Authours:
Alessandro Rizzuto 187156
Francesco Contaldo 190626
Project:
Big Data Project "Frequent Pattern Mining on a single Graph"
The whole work has been done exploiting the work presented in this paper: Mohammed Elseidy, Ehab Abdelhamid, Spiros Skiadopoulos, and Panos Kalnis. "GRAMI: Frequent Subgraph and Pattern Mining in a Single Large Graph. PVLDB, 7(7):517-528, 2014."
The core algorithms and concepts have been implemented from scratch for this university project
Both input and output respect the dot notation to describe a graph https://en.wikipedia.org/wiki/DOT_(graph_description_language)
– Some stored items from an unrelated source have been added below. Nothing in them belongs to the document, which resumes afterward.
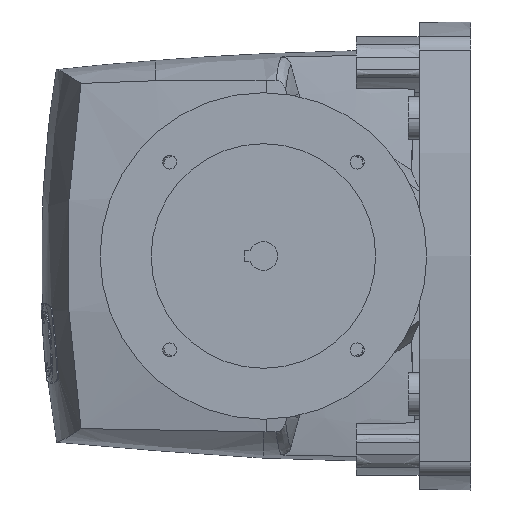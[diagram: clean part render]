
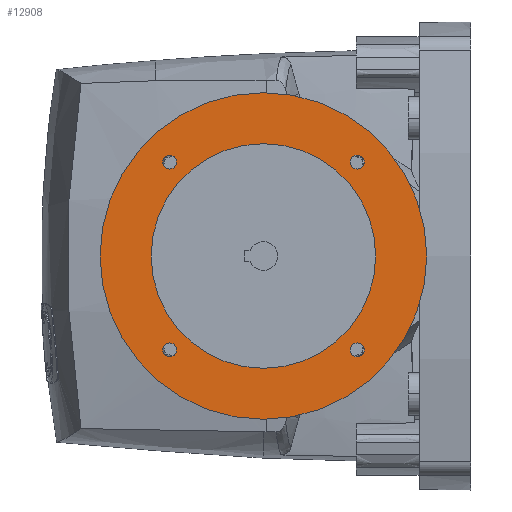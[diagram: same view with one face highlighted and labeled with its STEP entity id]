
A CAD part, left-side view. The second image highlights one B-rep face of the part: STEP entity #12908.
In plain terms, the highlighted planar face has unit normal (-1, 0, 0).
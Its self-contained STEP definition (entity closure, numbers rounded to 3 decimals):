
#4046=CARTESIAN_POINT('',(-137.5,147.462,45.962));
#4047=DIRECTION('',(1.,0.,0.));
#4048=DIRECTION('',(0.,-1.,0.));
#4049=AXIS2_PLACEMENT_3D('',#4046,#4047,#4048);
#4051=CARTESIAN_POINT('',(-137.5,147.462,45.962));
#4052=DIRECTION('',(1.,0.,0.));
#4053=DIRECTION('',(0.,1.,0.));
#4054=AXIS2_PLACEMENT_3D('',#4051,#4052,#4053);
#4056=CARTESIAN_POINT('',(-137.5,55.538,45.962));
#4057=DIRECTION('',(1.,0.,0.));
#4058=DIRECTION('',(0.,-1.,0.));
#4059=AXIS2_PLACEMENT_3D('',#4056,#4057,#4058);
#4061=CARTESIAN_POINT('',(-137.5,55.538,45.962));
#4062=DIRECTION('',(1.,0.,0.));
#4063=DIRECTION('',(0.,1.,0.));
#4064=AXIS2_PLACEMENT_3D('',#4061,#4062,#4063);
#4066=CARTESIAN_POINT('',(-137.5,147.462,-45.962));
#4067=DIRECTION('',(1.,0.,0.));
#4068=DIRECTION('',(0.,-1.,0.));
#4069=AXIS2_PLACEMENT_3D('',#4066,#4067,#4068);
#4071=CARTESIAN_POINT('',(-137.5,147.462,-45.962));
#4072=DIRECTION('',(1.,0.,0.));
#4073=DIRECTION('',(0.,1.,0.));
#4074=AXIS2_PLACEMENT_3D('',#4071,#4072,#4073);
#4076=CARTESIAN_POINT('',(-137.5,55.538,-45.962));
#4077=DIRECTION('',(1.,0.,0.));
#4078=DIRECTION('',(0.,-1.,0.));
#4079=AXIS2_PLACEMENT_3D('',#4076,#4077,#4078);
#4081=CARTESIAN_POINT('',(-137.5,55.538,-45.962));
#4082=DIRECTION('',(1.,0.,0.));
#4083=DIRECTION('',(0.,1.,0.));
#4084=AXIS2_PLACEMENT_3D('',#4081,#4082,#4083);
#4086=CARTESIAN_POINT('',(-137.5,101.5,0.));
#4087=DIRECTION('',(1.,0.,0.));
#4088=DIRECTION('',(0.,0.,-1.));
#4089=AXIS2_PLACEMENT_3D('',#4086,#4087,#4088);
#4091=CARTESIAN_POINT('',(-137.5,101.5,0.));
#4092=DIRECTION('',(1.,0.,0.));
#4093=DIRECTION('',(0.,0.,1.));
#4094=AXIS2_PLACEMENT_3D('',#4091,#4092,#4093);
#4096=CARTESIAN_POINT('',(-137.5,101.5,0.));
#4097=DIRECTION('',(-1.,0.,0.));
#4098=DIRECTION('',(0.,0.,1.));
#4099=AXIS2_PLACEMENT_3D('',#4096,#4097,#4098);
#4101=CARTESIAN_POINT('',(-137.5,101.5,0.));
#4102=DIRECTION('',(-1.,0.,0.));
#4103=DIRECTION('',(0.,0.,-1.));
#4104=AXIS2_PLACEMENT_3D('',#4101,#4102,#4103);
#7137=CARTESIAN_POINT('',(-137.5,101.5,-79.989));
#7138=CARTESIAN_POINT('',(-137.5,101.5,79.989));
#7139=VERTEX_POINT('',#7137);
#7140=VERTEX_POINT('',#7138);
#7141=CARTESIAN_POINT('',(-137.5,101.5,54.99));
#7142=CARTESIAN_POINT('',(-137.5,101.5,-54.99));
#7143=VERTEX_POINT('',#7141);
#7144=VERTEX_POINT('',#7142);
#7375=CARTESIAN_POINT('',(-137.5,144.062,45.962));
#7376=CARTESIAN_POINT('',(-137.5,150.862,45.962));
#7377=VERTEX_POINT('',#7375);
#7378=VERTEX_POINT('',#7376);
#7379=CARTESIAN_POINT('',(-137.5,52.138,45.962));
#7380=CARTESIAN_POINT('',(-137.5,58.938,45.962));
#7381=VERTEX_POINT('',#7379);
#7382=VERTEX_POINT('',#7380);
#7383=CARTESIAN_POINT('',(-137.5,52.138,-45.962));
#7384=CARTESIAN_POINT('',(-137.5,58.938,-45.962));
#7385=VERTEX_POINT('',#7383);
#7386=VERTEX_POINT('',#7384);
#7387=CARTESIAN_POINT('',(-137.5,144.062,-45.962));
#7388=CARTESIAN_POINT('',(-137.5,150.862,-45.962));
#7389=VERTEX_POINT('',#7387);
#7390=VERTEX_POINT('',#7388);
#12868=CARTESIAN_POINT('',(-137.5,101.5,0.));
#12869=DIRECTION('',(1.,0.,0.));
#12870=DIRECTION('',(0.,0.,1.));
#12871=AXIS2_PLACEMENT_3D('',#12868,#12869,#12870);
#12872=PLANE('',#12871);
#12873=ORIENTED_EDGE('',*,*,#12858,.T.);
#12875=ORIENTED_EDGE('',*,*,#12874,.T.);
#12876=EDGE_LOOP('',(#12873,#12875));
#12877=FACE_OUTER_BOUND('',#12876,.F.);
#12879=ORIENTED_EDGE('',*,*,#12878,.F.);
#12881=ORIENTED_EDGE('',*,*,#12880,.F.);
#12882=EDGE_LOOP('',(#12879,#12881));
#12883=FACE_BOUND('',#12882,.F.);
#12885=ORIENTED_EDGE('',*,*,#12884,.F.);
#12887=ORIENTED_EDGE('',*,*,#12886,.F.);
#12888=EDGE_LOOP('',(#12885,#12887));
#12889=FACE_BOUND('',#12888,.F.);
#12891=ORIENTED_EDGE('',*,*,#12890,.F.);
#12893=ORIENTED_EDGE('',*,*,#12892,.F.);
#12894=EDGE_LOOP('',(#12891,#12893));
#12895=FACE_BOUND('',#12894,.F.);
#12897=ORIENTED_EDGE('',*,*,#12896,.F.);
#12899=ORIENTED_EDGE('',*,*,#12898,.F.);
#12900=EDGE_LOOP('',(#12897,#12899));
#12901=FACE_BOUND('',#12900,.F.);
#12903=ORIENTED_EDGE('',*,*,#12902,.T.);
#12905=ORIENTED_EDGE('',*,*,#12904,.T.);
#12906=EDGE_LOOP('',(#12903,#12905));
#12907=FACE_BOUND('',#12906,.F.);
#12908=ADVANCED_FACE('',(#12877,#12883,#12889,#12895,#12901,#12907),#12872,.F.);
#4050=CIRCLE('',#4049,3.4);
#4055=CIRCLE('',#4054,3.4);
#4060=CIRCLE('',#4059,3.4);
#4065=CIRCLE('',#4064,3.4);
#4070=CIRCLE('',#4069,3.4);
#4075=CIRCLE('',#4074,3.4);
#4080=CIRCLE('',#4079,3.4);
#4085=CIRCLE('',#4084,3.4);
#4090=CIRCLE('',#4089,79.989);
#4095=CIRCLE('',#4094,79.989);
#4100=CIRCLE('',#4099,54.99);
#4105=CIRCLE('',#4104,54.99);
#12858=EDGE_CURVE('',#7139,#7140,#4090,.T.);
#12874=EDGE_CURVE('',#7140,#7139,#4095,.T.);
#12878=EDGE_CURVE('',#7377,#7378,#4050,.T.);
#12880=EDGE_CURVE('',#7378,#7377,#4055,.T.);
#12884=EDGE_CURVE('',#7381,#7382,#4060,.T.);
#12886=EDGE_CURVE('',#7382,#7381,#4065,.T.);
#12890=EDGE_CURVE('',#7389,#7390,#4070,.T.);
#12892=EDGE_CURVE('',#7390,#7389,#4075,.T.);
#12896=EDGE_CURVE('',#7385,#7386,#4080,.T.);
#12898=EDGE_CURVE('',#7386,#7385,#4085,.T.);
#12902=EDGE_CURVE('',#7143,#7144,#4100,.T.);
#12904=EDGE_CURVE('',#7144,#7143,#4105,.T.);

to transform a dot file into visible pdf format use 'dot -Tps NameFile.dot -o NameFile.pdf'
To generate a random input graph use the following command: 'python graphGen.py NumberOfNodes NumberOfLabel NumberOfHours(weight)'
the second parameter is referred to the number of possible values that can be assigned to a single node. Range of value valid 0..13
the third parameter is used to decide the number of possible values that the different weights (hours) can take. Range of valid value 0..24
The automated generated graph is created in the data folder with the name 'graphGenOut.dot'
To mine the graph use: spark-submit --class "App" --conf 'spark.driver.extraJavaOptions=-Xss1g' --conf 'spark.executor.extraJavaOptions=-Xss1g' JarFileName.jar
Optional --master local[n] to set the number of local nodes
Then will be asked interactively the support threshold and the subgraph maximum size
The found subgraphs are stored in the Result directory with the dot notation.